I think it has to be a mixture of both. On the one hand, we need to establish standards for ethical algorithmic decision-making, which we currently don’t have. On the other hand, we want to maintain flexibility and allow the courts to assess fairness on a case-by-case basis. I am currently working on a research project which is based on the findings of my paper A Right to Reasonable Inferences that concluded that current data protection standards are insufficient to protect us from the inferential power of algorithms. The aim of the project is to assess how we need to conceptualize laws — such as data protection law and non-discrimination law — when algorithms and not humans make decisions about us. It is crucial to figure out whether the law that we have in place will protect us just as much when AI systems, not humans, are assessing us.
Is it realistic to develop a “fairness by design” protection in AI developments?

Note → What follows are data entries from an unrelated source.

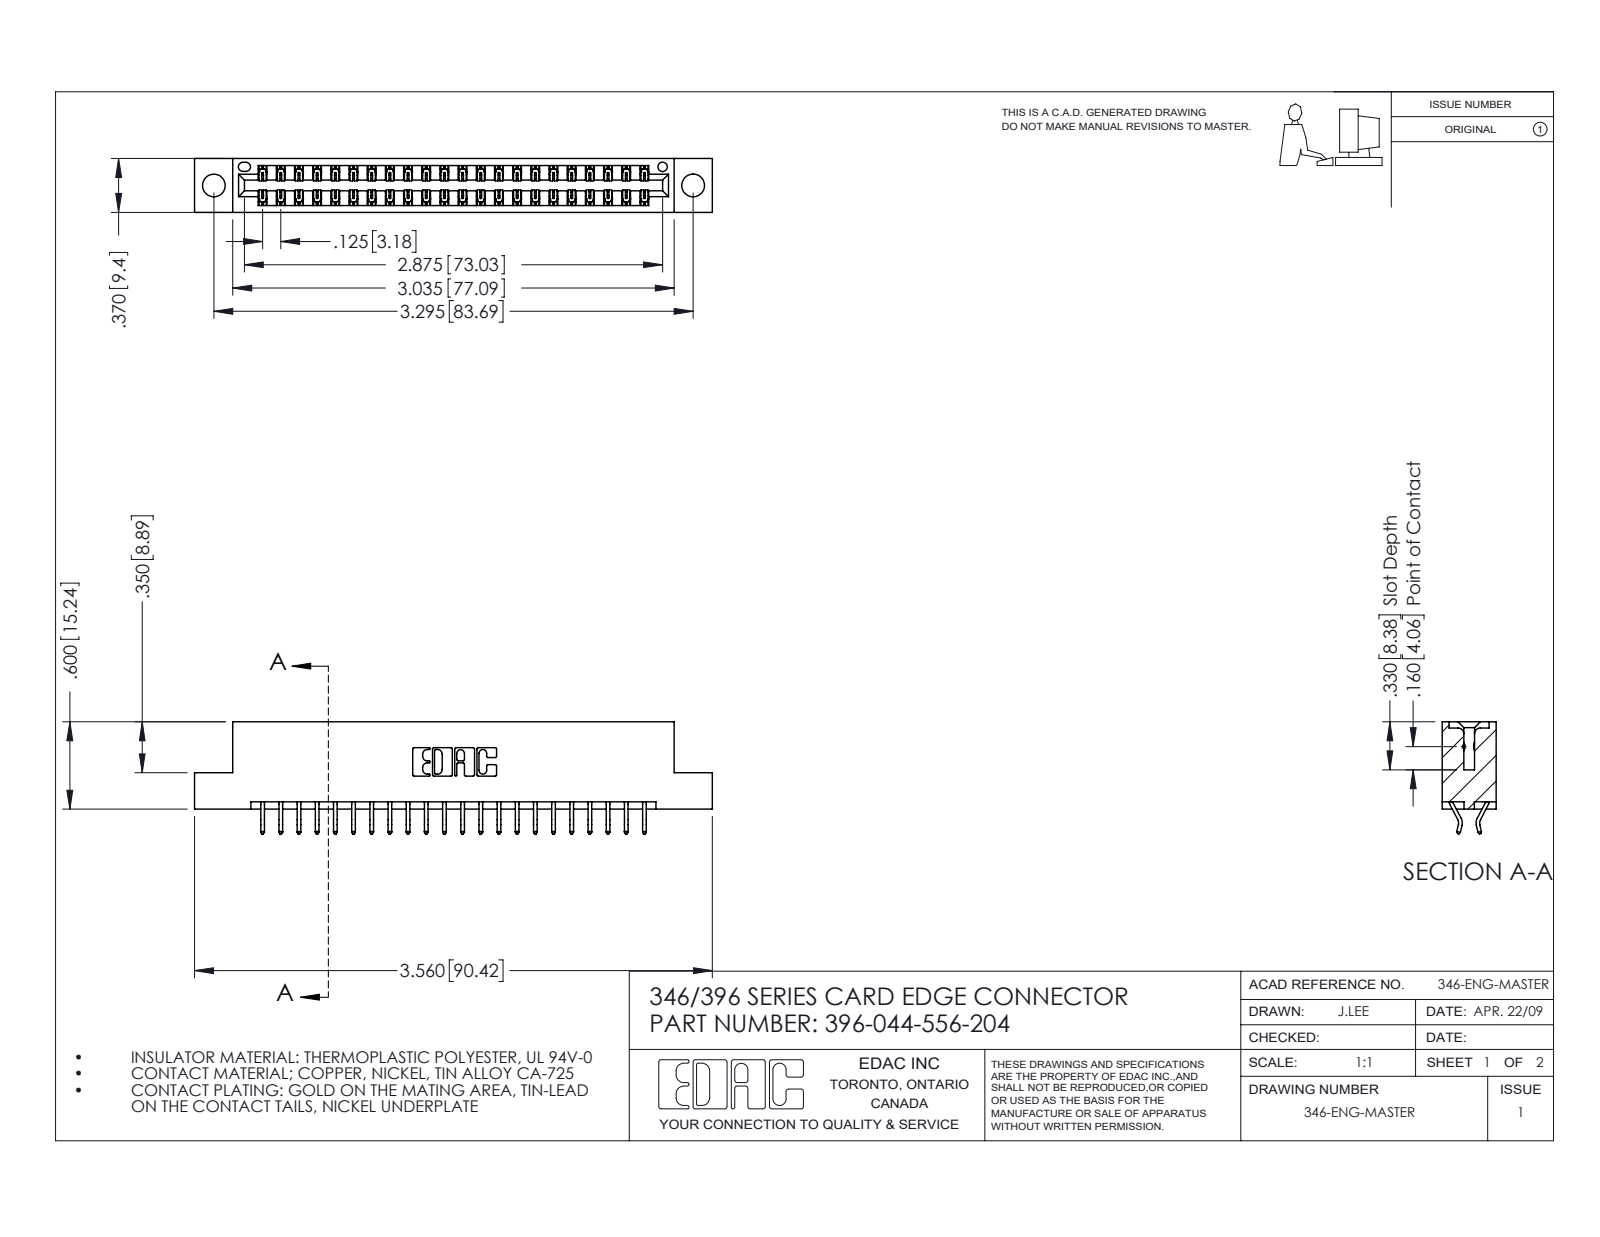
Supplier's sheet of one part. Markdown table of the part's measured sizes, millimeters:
| quantity | value |
| --- | --- |
| part name | 345-292-001_556 Tail; 346 Part_Flush Mounting Lugs - 0.156 Dia-TH; 396-044-556-204 |
| STEP written by | SolidWorks 2016 (CONFIG_CONTROL_DESIGN) |
| units | millimeters |
| bodies | 45 solids, 2674 faces (1792 planar, 882 cylindrical, 0 other) |
| overall size | 90.4 × 19.6 × 9.4 |
| volume | 8 570 mm³ |
| surface area | 11 240 mm² |
| round holes (diameter × count) | 4 × 2, 1.6 × 1 |
| partial cylindrical surfaces (radius × count) | 0.2 × 66, 0.3 × 22, 0.2 × 6, 0.8 × 6, 0.7 × 3, 0.3 × 2, 0.4 × 2, 0.6 × 2 |
| main face-to-face distances | 1.2, 8.2, 6.4, 9.4, 0.6, 1.8, 7.6, 7, 3.8, 5.6 |
| hole center spacings | 6.2, 78.4, 83.7 |
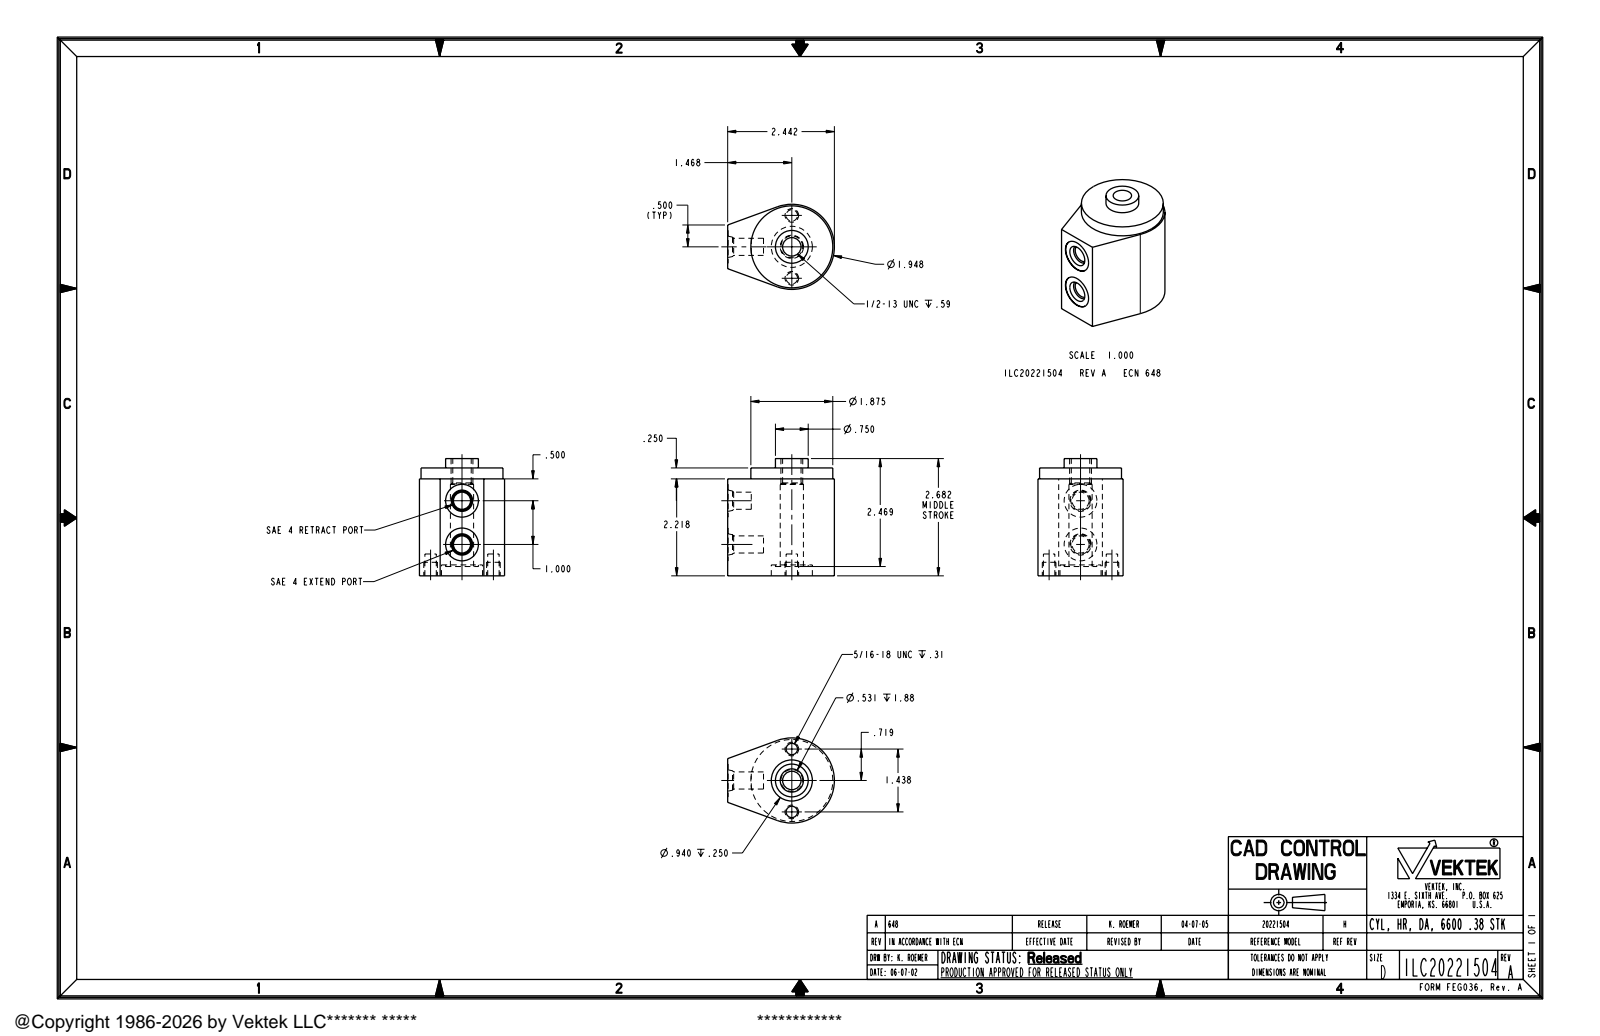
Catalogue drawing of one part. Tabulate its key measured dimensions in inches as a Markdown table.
| quantity | value |
| --- | --- |
| part name | ILC20221504 |
| STEP written by | PRO/ENGINEER BY PARAMETRIC TECHNOLOGY CORPORATION, 2004290 (AUTOMOTIVE_DESIGN_CC2) |
| units | inches |
| bodies | 1 solid, 58 faces (17 planar, 31 cylindrical, 10 other) |
| overall size | 2.682 × 2.442 × 1.948 |
| volume | 8.171 in³ |
| surface area | 33.78 in² |
| round holes (diameter × count) | 0.261 × 2, 0.392 × 2, 0.75 × 2, 0.422 × 1, 0.531 × 1, 0.94 × 1 |
| round bosses / shafts (diameter × count) | 0.312 × 2, 1.875 × 1, 0.75 × 1, 0.5 × 1 |
| partial cylindrical surfaces (radius × count) | 0.974 × 1 |
| main face-to-face distances | 2.468, 0.25, 2.218, 1.968, 2.682, 0.464, 0.214, 2.432, 0.213, 0.037 |
| hole center spacings | 0.719, 1, 1.438 |
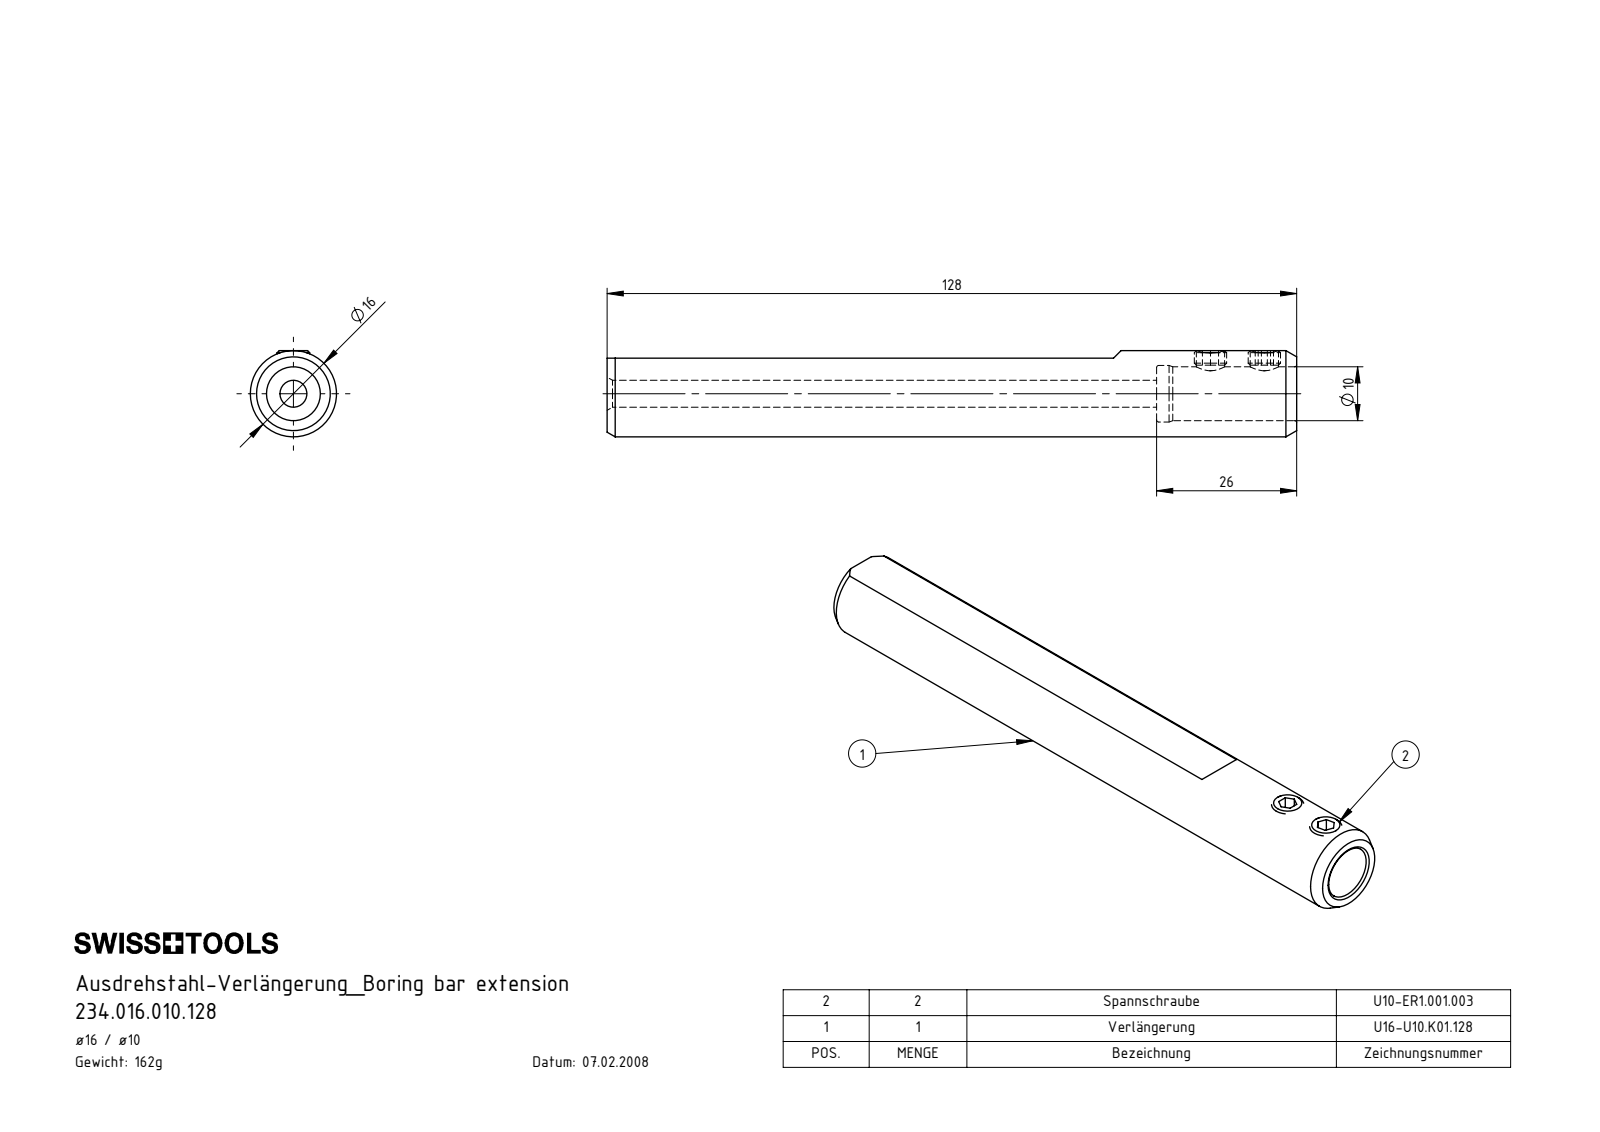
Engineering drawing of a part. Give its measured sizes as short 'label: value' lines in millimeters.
name: U16.U10.K01.128; U16-U10.K01.128_A; U10-ER1.001.003_A
written by: SolidWorks 2017 (AUTOMOTIVE_DESIGN)
unit: mm
bodies: 3 solids, 39 faces (21 planar, 8 cylindrical, 10 other)
size: 128 × 16 × 16
volume: 20 743 mm³; area: 9 316 mm²
holes: 2× ⌀5.25, 1× ⌀5, 1× ⌀10, 1× ⌀10.5
bosses: 2× ⌀6, 1× ⌀16
face distances: 128, 102, 26, 3, 1.3, 2.7, 1.4, 113.5, 11.5, 14.5
hole spacings: 10
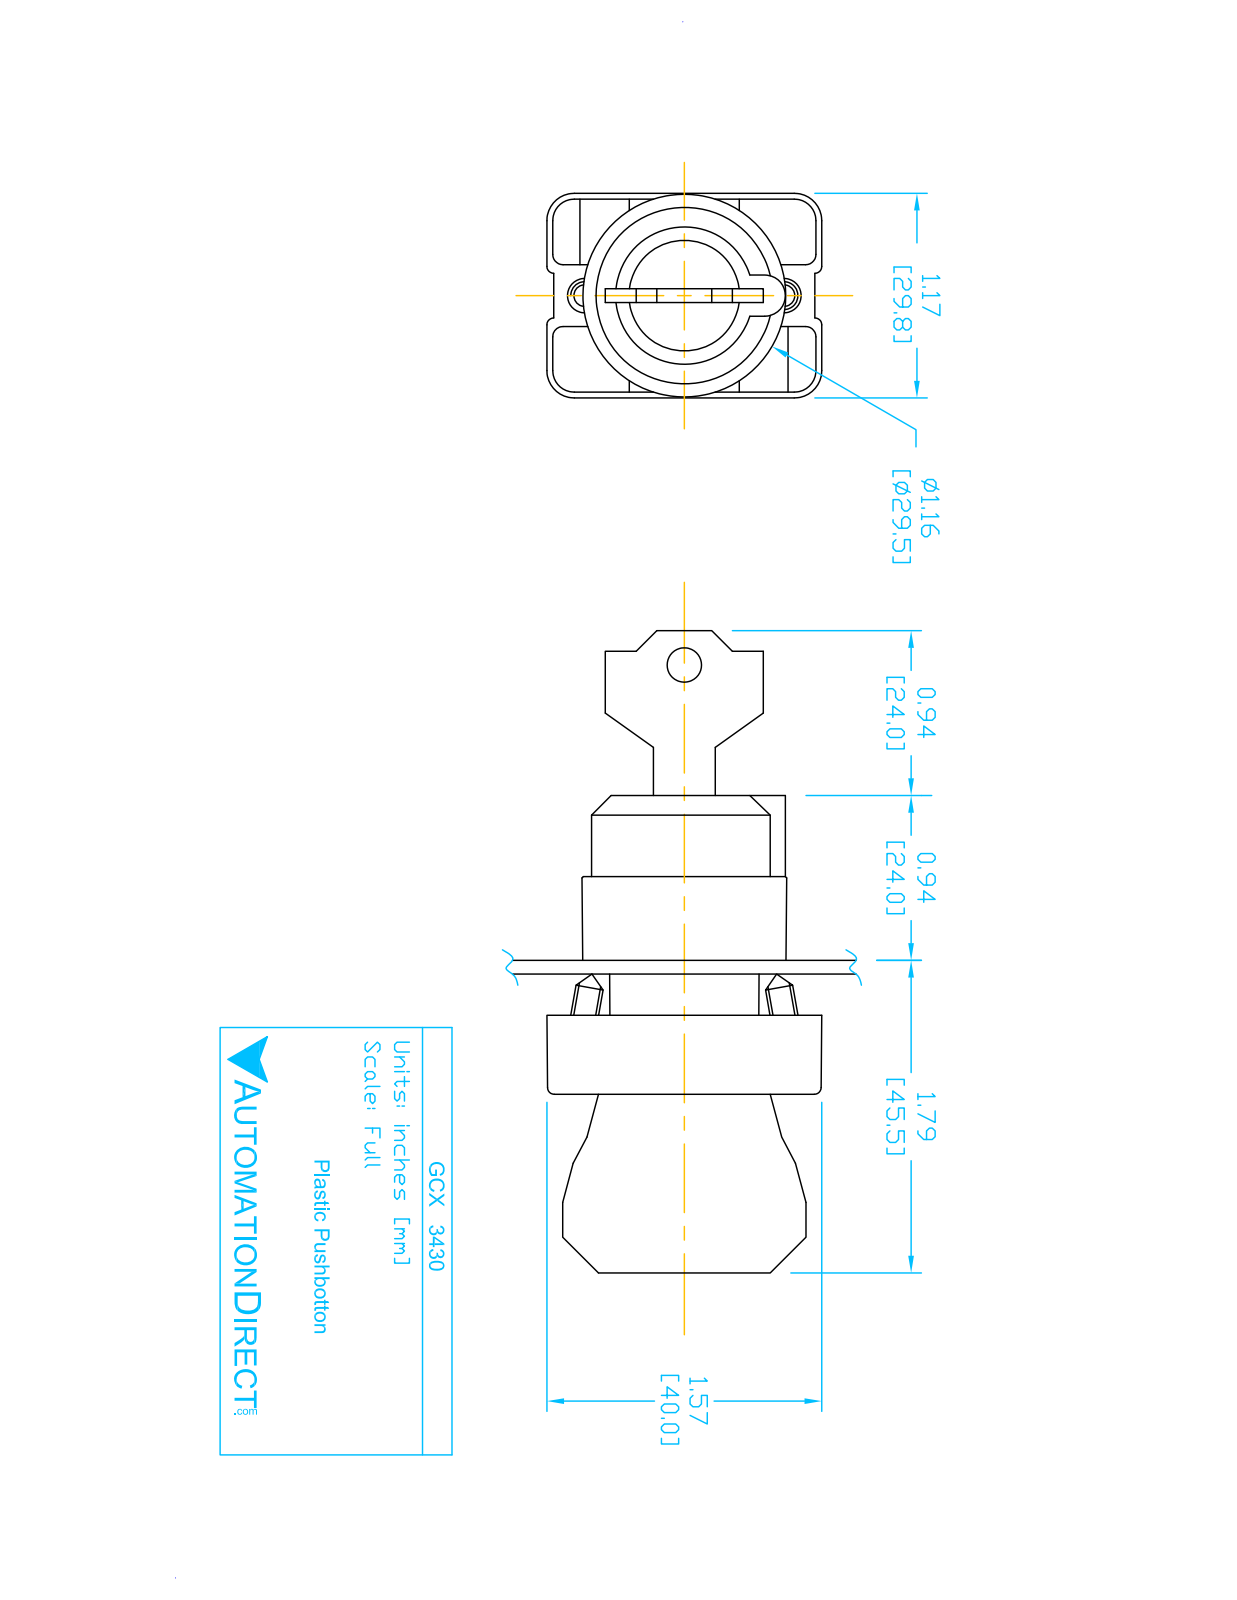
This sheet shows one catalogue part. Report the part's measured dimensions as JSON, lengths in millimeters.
{"part_name": "ECX3029-2; ecx1040; GCX3430 OPERATOR; GCX3430", "step_written_by": "SolidWorks 2016 (AUTOMOTIVE_DESIGN)", "units": "millimeters", "bodies": {"solids": 7, "faces": 405, "planar": 235, "cylindrical": 142, "other": 28}, "overall_size": [67.3, 40.2, 29.9], "volume_mm3": 32890, "surface_area_mm2": 20830, "round_holes": [[2, 2], [3.1, 2], [3.3, 2], [2.2, 1], [5, 1], [15, 1], [22.3, 1], [22.6, 1], [26, 1]], "round_bosses_or_shafts": [[4, 2], [29.8, 1], [25.5, 1], [24.5, 1], [24, 1], [21.7, 1], [19.8, 1], [14.5, 1]], "partial_cylinders_radius": [[1.5, 24], [1, 12], [3.1, 12], [4, 12], [1, 6], [3.3, 2], [0.5, 1], [1.6, 1]], "face_to_face_distances": [18.3, 14.7, 0.8, 0.8, 17.5, 15.2, 13.7, 16.2, 14.7, 3.1], "hole_center_spacings": [6, 13.8, 12, 12.4]}

Yes, I think this is possible, but it’s crucial that the legal and technical communities work closely together. The tech community should embrace that “contextual equality” is a feature of EU non-discrimination law, not a bug that needs fixing. And the legal community will see that, when assessing data-driven cases, intuition alone might not be sufficient to detect discrimination; rather, new coherent strategies can be helpful.
This is not to say that we only or always should rely on statistical evidence. The case law and the courts in the EU encourage and promote a rich and diverse evidence base. This diversity is important to maintain in the future. However, if statistics are being used, it is crucial that cases do not deteriorate into a ‘battle of numbers.’
We envision the creation of summary statistics that level the playing field for all parties involved. We see Conditional Demographic Disparity (CDD) as a treasure map that shows you where to look, but not what to think. It warns you of the dangers and removes the blinders of intuition without proposing a specific legal interpretation, decision or intervention.
CDD used as a statistical baseline measure will be of service to judges, regulators, industry, and claimants. Judges will have a first frame to investigate prima facie discrimination, regulators will have a baseline for investigating potential discrimination cases, industry can prevent discrimination or refute potential claims, and victims will have a reliable measure of potential discrimination to raise claims.
CDD can, on the one hand, allow for coherent assessment, and on the other hand, allow for agile and contextual interpretation. This brings both disciplines closer together by learning from each other’s strengths.
Do we need transparency laws for AI and algorithms that outweigh intellectual property laws so that those AI implementations of their algorithms become accessible by the user, judges, lawyers, etc.?
This is again a question of contextuality. In some instances, the potential harm can be so great that intellectual property rights and trade secrets do not outweigh the public interest in investigating or preventing this harm. And of course, we can think of many applications that do not pose a high risk for individuals, groups, or society as a whole in which case economic considerations can outweigh others. And in the same vein, the level of transparency required and the audience that needs access will also depend on the circumstances, the application, the sector, and the parties involved.
Wachter’s talk was part of Berkman Klein’s AI Policy Practice.